Wherever the word "power" turns up in a line of the entries, copy that line.

(Stored dataset items)
--- START ---

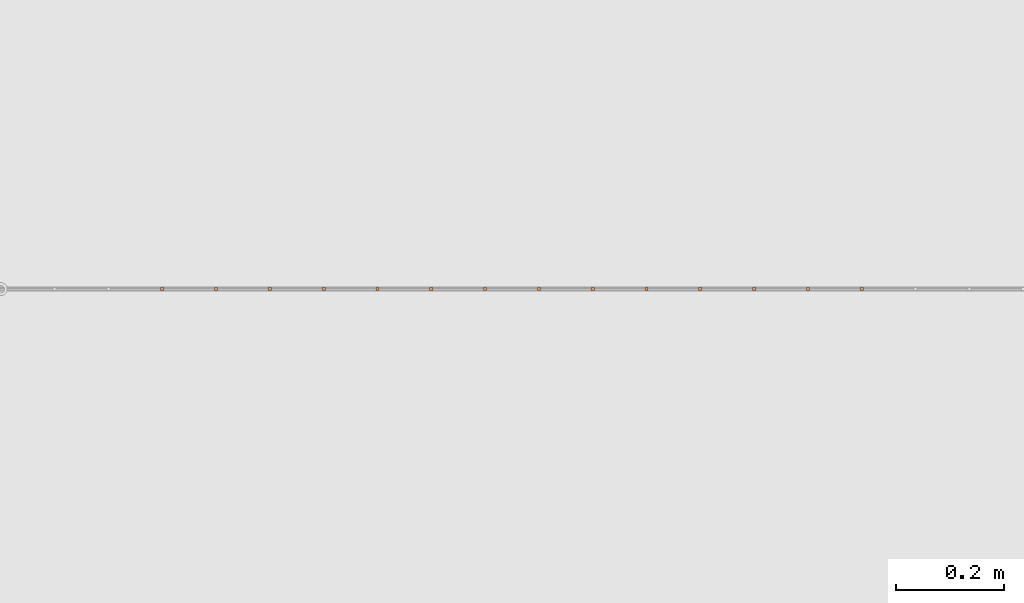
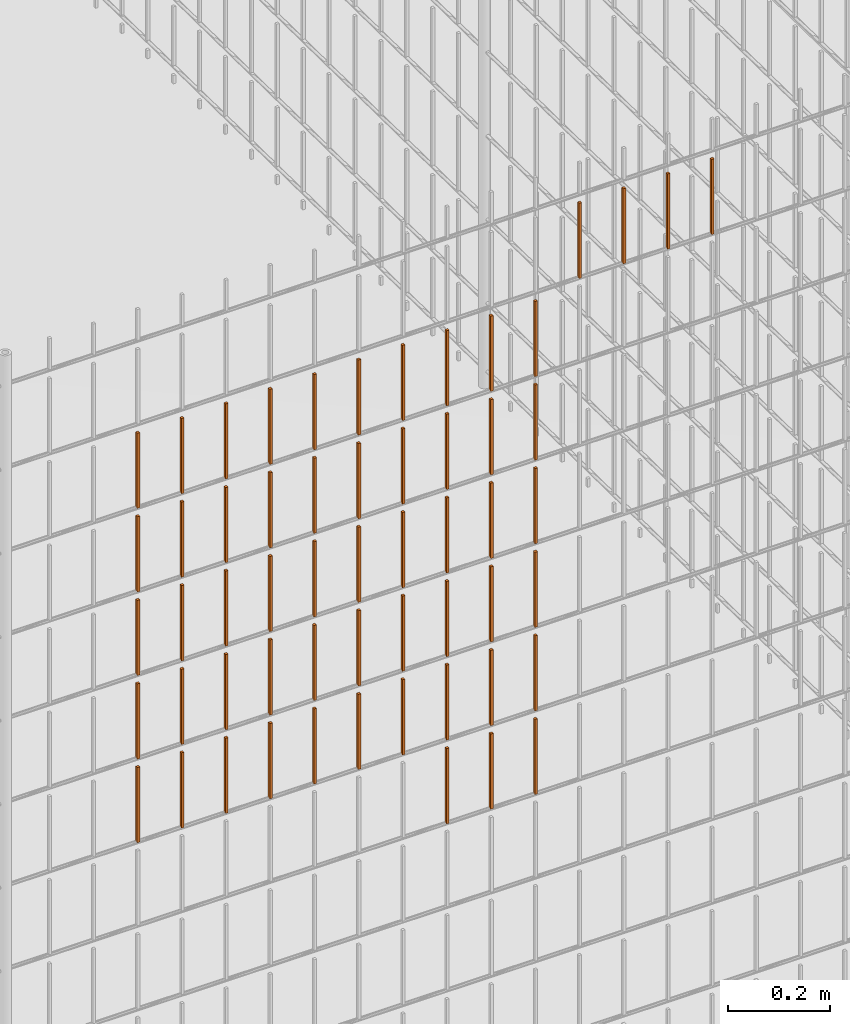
# One storey, part 250 of 1809: 57 proxies, 1 element without a shape of its own.
"""IFC2X3 building model written with IfcOpenShell, lengths in millimetres."""

import ifcopenshell
import ifcopenshell.guid

model = None  # the IFC model being written
_history = None  # IfcOwnerHistory: only IFC2X3 demands one
_inside = {}  # id of a spatial element -> (the spatial element, [elements in it])
_under = {}  # id of a project, library or spatial element -> (it, [spatial elements below it])
_declared = {}  # id of a project -> (the project, [libraries it declares])
_typed = {}  # id of a type object -> (the type object, [elements of that type])
_made_of = {}  # id of a material, layer set ... -> (it, [elements and type objects made of it])


def new_model(schema):
    """Start an empty IFC model of exactly this schema.

    Asked for "IFC4X3", IfcOpenShell would pick the latest addendum, in which some entities
    have other attributes; the version numbers below select the first issue.
    IFC2X3 requires an IfcOwnerHistory on every rooted entity: one is made here for all.
    """
    global model, _history
    if schema == "IFC4X3":
        model = ifcopenshell.file(schema_version=(4, 3, 0, 0))
    else:
        model = ifcopenshell.file(schema=schema)
    _inside.clear()
    _under.clear()
    _declared.clear()
    _typed.clear()
    _made_of.clear()
    _history = None
    if model.schema == "IFC2X3":
        org = make("IfcOrganization", Name="unknown")
        user = make(
            "IfcPersonAndOrganization",
            ThePerson=make("IfcPerson", FamilyName="unknown"),
            TheOrganization=org,
        )
        app = make(
            "IfcApplication",
            ApplicationDeveloper=org,
            Version="unknown",
            ApplicationFullName="unknown",
            ApplicationIdentifier="unknown",
        )
        _history = make(
            "IfcOwnerHistory",
            OwningUser=user,
            OwningApplication=app,
            ChangeAction="ADDED",
            CreationDate=0,
        )
    return model


def make(cls, **values):
    """One entity of the class cls with the attributes given. An attribute that is None is left unset."""
    return model.create_entity(
        cls, **{name: value for name, value in values.items() if value is not None}
    )


def entity(cls, *values):
    """Any entity or typed value of the class cls, its attributes in the order of the schema. None: left unset."""
    e = model.create_entity(cls)
    for i, value in enumerate(values):
        if value is not None:
            e[i] = value
    return e


def rooted(cls, **values):
    """An entity with a GlobalId (a new one), such as an element, a storey or a relation."""
    return make(cls, GlobalId=ifcopenshell.guid.new(), OwnerHistory=_history, **values)


def si_unit(unit_type, name, prefix=None):
    """IfcSIUnit, for example si_unit("LENGTHUNIT", "METRE", prefix="MILLI")."""
    return make("IfcSIUnit", UnitType=unit_type, Prefix=prefix, Name=name)


def converted_unit(unit_type, name, factor, base, dimensions=None, offset=None):
    """IfcConversionBasedUnit, such as the inch: factor (a typed value) times the base unit."""
    return make(
        "IfcConversionBasedUnit"
        if offset is None
        else "IfcConversionBasedUnitWithOffset",
        ConversionOffset=offset,
        Dimensions=None
        if dimensions is None
        else entity("IfcDimensionalExponents", *dimensions),
        UnitType=unit_type,
        Name=name,
        ConversionFactor=make(
            "IfcMeasureWithUnit", ValueComponent=factor, UnitComponent=base
        ),
    )


def derived_unit(unit_type, elements):
    """IfcDerivedUnit: a product of units, each with its exponent."""
    return make(
        "IfcDerivedUnit",
        Elements=[
            make("IfcDerivedUnitElement", Unit=unit, Exponent=power)
            for unit, power in elements
        ],
        UnitType=unit_type,
    )


def money_unit(currency):
    """IfcMonetaryUnit."""
    return make("IfcMonetaryUnit", Currency=currency)


def assignment(units):
    """IfcUnitAssignment: the units of a project."""
    return None if units is None else make("IfcUnitAssignment", Units=units)


def point(xyz):
    """IfcCartesianPoint."""
    return None if xyz is None else make("IfcCartesianPoint", Coordinates=xyz)


def direction(xyz):
    """IfcDirection."""
    return None if xyz is None else make("IfcDirection", DirectionRatios=xyz)


def frame(location, z_axis=None, x_axis=None):
    """IfcAxis2Placement3D, a coordinate frame: its origin and axes. An axis left out is left unset."""
    return make(
        "IfcAxis2Placement3D",
        Location=point(location),
        Axis=direction(z_axis),
        RefDirection=direction(x_axis),
    )


def origin_with_axes():
    """The frame at (0, 0, 0) with the z axis (0, 0, 1) and the x axis (1, 0, 0) written out."""
    return frame((0.0, 0.0, 0.0), z_axis=(0.0, 0.0, 1.0), x_axis=(1.0, 0.0, 0.0))


def place(relative_to, where):
    """IfcLocalPlacement: puts the frame where relative to a parent placement (None: the world)."""
    return make(
        "IfcLocalPlacement", PlacementRelTo=relative_to, RelativePlacement=where
    )


def context(
    kind, dimensions, precision=None, world=None, true_north=None, identifier=None
):
    """IfcGeometricRepresentationContext, for example the 3D "Model" context."""
    return make(
        "IfcGeometricRepresentationContext",
        ContextIdentifier=identifier,
        ContextType=kind,
        CoordinateSpaceDimension=dimensions,
        Precision=precision,
        WorldCoordinateSystem=world,
        TrueNorth=true_north,
    )


def subcontext(parent, identifier, kind, view, scale=None):
    """IfcGeometricRepresentationSubContext, for example "Body" below "Model"."""
    return make(
        "IfcGeometricRepresentationSubContext",
        ContextIdentifier=identifier,
        ContextType=kind,
        ParentContext=parent,
        TargetScale=scale,
        TargetView=view,
    )


def project(units=None, contexts=None):
    """IfcProject with its units and contexts."""
    return rooted(
        "IfcProject",
        Name="project",
        RepresentationContexts=contexts,
        UnitsInContext=assignment(units),
    )


def spatial(cls, under=None, at=None, **own):
    """A site, building, storey or space (cls), placed at a placement, below another one or the project."""
    s = rooted(cls, ObjectPlacement=at, **own)
    if under is not None:
        _under.setdefault(under.id(), (under, []))[1].append(s)
    return s


def faces_of(points, faces, orient=None, outer=None):
    """IfcFace entities. A face is a list of loops; a loop is a list of indices into points, from 0.

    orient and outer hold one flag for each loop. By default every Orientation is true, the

--- END ---

RESULT FOR THIS EXERCISE |
            make("IfcDerivedUnitElement", Unit=unit, Exponent=power)
            for unit, power in elements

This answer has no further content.